WORK ORDER. Since only a count is wanted, work out how many lines in the material below contain the word "drill" and return that number.

DATA.
[Start of Attachment]

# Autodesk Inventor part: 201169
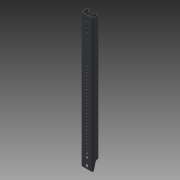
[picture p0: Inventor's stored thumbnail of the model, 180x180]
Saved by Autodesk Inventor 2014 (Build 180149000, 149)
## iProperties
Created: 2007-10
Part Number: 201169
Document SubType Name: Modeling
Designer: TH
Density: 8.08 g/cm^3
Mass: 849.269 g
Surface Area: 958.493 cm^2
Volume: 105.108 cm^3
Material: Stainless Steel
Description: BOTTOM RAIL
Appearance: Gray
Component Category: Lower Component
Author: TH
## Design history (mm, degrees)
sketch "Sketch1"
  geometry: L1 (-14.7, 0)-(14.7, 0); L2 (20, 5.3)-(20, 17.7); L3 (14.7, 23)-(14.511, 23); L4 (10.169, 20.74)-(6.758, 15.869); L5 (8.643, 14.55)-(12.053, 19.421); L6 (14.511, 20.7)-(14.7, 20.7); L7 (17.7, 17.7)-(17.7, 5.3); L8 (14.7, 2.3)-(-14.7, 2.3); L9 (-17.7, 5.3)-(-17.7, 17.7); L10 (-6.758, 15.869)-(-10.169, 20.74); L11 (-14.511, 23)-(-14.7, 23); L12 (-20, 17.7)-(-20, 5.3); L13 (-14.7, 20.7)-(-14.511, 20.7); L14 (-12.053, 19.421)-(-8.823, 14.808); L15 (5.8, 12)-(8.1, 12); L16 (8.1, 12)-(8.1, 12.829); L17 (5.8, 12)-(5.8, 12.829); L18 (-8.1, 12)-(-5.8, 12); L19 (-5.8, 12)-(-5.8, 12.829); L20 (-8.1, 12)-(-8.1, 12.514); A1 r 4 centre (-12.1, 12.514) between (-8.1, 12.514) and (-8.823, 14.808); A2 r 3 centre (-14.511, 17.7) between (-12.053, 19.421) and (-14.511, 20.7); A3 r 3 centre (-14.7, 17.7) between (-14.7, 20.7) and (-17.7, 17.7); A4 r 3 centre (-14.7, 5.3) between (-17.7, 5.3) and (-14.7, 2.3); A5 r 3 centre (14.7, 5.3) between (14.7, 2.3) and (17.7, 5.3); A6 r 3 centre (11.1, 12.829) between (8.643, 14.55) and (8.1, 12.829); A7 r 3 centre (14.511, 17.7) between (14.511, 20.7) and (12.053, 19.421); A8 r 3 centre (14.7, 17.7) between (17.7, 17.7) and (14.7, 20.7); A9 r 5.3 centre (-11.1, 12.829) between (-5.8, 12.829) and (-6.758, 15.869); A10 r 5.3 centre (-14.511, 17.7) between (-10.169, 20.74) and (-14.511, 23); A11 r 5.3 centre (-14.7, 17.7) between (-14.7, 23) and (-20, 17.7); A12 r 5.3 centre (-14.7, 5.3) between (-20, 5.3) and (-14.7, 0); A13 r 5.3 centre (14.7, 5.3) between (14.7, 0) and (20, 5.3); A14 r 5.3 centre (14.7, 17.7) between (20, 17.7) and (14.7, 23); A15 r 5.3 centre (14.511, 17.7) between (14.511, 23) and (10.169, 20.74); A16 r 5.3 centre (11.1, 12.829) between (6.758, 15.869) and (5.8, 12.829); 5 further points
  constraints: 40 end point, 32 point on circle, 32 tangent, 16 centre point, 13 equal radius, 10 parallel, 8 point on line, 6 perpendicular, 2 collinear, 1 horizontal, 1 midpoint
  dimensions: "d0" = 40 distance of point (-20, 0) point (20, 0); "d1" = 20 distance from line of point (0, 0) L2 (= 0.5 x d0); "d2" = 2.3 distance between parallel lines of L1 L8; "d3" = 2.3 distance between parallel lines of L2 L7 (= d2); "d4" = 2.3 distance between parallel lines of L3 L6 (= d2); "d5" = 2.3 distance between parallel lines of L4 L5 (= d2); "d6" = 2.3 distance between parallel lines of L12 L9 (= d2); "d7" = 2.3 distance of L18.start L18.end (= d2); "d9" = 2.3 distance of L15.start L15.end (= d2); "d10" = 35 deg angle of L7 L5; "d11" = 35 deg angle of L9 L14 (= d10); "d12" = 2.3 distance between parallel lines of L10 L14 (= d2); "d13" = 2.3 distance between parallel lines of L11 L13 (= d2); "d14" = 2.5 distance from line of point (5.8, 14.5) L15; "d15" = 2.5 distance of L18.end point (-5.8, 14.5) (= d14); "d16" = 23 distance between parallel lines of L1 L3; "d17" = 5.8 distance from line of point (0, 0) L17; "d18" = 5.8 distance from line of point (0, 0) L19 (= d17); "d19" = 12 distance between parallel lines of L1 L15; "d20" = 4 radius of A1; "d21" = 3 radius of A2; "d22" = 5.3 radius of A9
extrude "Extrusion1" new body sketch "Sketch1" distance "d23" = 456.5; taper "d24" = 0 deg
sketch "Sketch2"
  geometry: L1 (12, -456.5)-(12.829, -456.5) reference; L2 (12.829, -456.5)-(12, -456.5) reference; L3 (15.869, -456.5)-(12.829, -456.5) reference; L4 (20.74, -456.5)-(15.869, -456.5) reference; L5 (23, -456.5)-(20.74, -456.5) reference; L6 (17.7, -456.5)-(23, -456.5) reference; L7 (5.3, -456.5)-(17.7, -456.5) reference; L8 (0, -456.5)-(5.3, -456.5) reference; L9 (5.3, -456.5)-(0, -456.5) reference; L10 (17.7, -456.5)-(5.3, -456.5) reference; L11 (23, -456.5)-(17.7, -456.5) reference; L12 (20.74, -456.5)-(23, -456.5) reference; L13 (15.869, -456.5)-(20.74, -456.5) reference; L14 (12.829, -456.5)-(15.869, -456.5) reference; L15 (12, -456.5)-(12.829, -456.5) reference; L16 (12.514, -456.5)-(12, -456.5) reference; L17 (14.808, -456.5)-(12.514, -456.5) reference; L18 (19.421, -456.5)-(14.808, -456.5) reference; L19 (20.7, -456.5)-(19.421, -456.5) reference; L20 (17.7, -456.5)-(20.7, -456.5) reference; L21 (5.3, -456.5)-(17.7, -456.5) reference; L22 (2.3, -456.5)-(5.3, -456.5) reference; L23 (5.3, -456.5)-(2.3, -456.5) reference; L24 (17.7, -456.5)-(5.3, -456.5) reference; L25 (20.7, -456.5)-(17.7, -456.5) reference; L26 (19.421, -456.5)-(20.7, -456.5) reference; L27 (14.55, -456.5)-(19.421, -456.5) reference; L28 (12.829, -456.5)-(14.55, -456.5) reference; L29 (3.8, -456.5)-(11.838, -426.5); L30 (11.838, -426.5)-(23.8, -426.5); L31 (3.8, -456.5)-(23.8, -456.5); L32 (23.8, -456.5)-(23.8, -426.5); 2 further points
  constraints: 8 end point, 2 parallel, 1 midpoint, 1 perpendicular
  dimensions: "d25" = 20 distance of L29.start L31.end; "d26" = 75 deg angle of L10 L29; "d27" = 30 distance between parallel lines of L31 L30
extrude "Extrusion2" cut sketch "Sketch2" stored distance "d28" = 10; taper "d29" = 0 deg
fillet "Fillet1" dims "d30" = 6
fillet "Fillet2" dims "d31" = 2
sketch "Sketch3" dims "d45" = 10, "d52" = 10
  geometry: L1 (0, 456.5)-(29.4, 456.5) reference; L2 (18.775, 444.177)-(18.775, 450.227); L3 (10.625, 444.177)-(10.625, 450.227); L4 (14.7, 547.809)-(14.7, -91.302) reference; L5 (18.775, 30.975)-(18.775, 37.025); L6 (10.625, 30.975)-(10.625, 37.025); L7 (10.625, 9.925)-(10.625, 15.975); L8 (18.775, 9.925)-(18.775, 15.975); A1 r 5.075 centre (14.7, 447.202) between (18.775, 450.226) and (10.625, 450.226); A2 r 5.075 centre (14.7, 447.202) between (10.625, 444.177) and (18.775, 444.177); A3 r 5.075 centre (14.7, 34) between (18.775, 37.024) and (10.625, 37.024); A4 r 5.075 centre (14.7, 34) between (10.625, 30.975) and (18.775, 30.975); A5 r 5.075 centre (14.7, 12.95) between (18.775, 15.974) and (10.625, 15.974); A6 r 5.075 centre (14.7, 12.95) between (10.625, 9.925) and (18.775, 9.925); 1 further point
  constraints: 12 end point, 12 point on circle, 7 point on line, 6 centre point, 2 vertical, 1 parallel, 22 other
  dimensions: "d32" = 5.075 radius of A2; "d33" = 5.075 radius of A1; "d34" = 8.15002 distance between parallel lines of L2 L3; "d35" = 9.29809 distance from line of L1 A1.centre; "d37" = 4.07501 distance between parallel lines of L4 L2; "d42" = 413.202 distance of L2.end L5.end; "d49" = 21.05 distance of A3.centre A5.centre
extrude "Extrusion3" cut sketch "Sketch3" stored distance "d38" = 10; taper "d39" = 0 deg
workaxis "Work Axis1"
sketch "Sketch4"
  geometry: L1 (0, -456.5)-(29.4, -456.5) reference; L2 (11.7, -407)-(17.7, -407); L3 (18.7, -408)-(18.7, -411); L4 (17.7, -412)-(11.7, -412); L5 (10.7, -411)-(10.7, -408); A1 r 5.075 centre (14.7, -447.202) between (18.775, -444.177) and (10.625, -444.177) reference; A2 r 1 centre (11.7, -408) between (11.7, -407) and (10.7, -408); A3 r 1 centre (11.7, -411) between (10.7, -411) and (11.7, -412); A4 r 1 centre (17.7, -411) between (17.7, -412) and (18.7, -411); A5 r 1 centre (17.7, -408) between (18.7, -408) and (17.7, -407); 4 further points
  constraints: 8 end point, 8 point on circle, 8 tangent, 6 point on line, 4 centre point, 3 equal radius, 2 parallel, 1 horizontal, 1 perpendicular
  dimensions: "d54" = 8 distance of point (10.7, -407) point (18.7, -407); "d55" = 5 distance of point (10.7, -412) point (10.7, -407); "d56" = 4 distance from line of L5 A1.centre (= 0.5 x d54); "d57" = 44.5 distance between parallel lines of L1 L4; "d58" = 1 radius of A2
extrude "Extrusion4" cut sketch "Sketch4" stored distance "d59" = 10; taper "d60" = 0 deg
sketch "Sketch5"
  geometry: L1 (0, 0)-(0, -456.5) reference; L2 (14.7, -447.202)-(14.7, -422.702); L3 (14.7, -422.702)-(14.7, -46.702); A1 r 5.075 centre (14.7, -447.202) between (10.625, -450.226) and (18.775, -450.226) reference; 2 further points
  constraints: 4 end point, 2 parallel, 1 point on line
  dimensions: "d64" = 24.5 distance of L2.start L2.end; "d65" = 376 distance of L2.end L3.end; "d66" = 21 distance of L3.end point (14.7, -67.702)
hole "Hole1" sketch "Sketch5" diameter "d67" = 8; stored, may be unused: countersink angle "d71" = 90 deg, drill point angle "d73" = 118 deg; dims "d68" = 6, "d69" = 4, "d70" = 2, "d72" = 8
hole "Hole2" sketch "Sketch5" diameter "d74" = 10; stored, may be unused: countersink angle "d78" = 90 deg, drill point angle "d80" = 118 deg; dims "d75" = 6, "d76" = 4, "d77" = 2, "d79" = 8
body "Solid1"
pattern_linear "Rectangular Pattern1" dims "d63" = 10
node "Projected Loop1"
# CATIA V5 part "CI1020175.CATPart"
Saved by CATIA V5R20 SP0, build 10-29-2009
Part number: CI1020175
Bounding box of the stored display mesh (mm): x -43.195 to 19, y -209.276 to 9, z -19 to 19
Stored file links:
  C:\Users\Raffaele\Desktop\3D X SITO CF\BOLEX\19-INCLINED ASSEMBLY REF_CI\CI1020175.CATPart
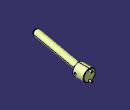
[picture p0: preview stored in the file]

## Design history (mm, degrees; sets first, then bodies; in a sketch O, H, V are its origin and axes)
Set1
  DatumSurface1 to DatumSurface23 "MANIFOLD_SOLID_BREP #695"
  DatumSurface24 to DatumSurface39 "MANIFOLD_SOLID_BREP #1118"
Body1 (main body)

[End of Attachment]

TASK OUTPUT. 2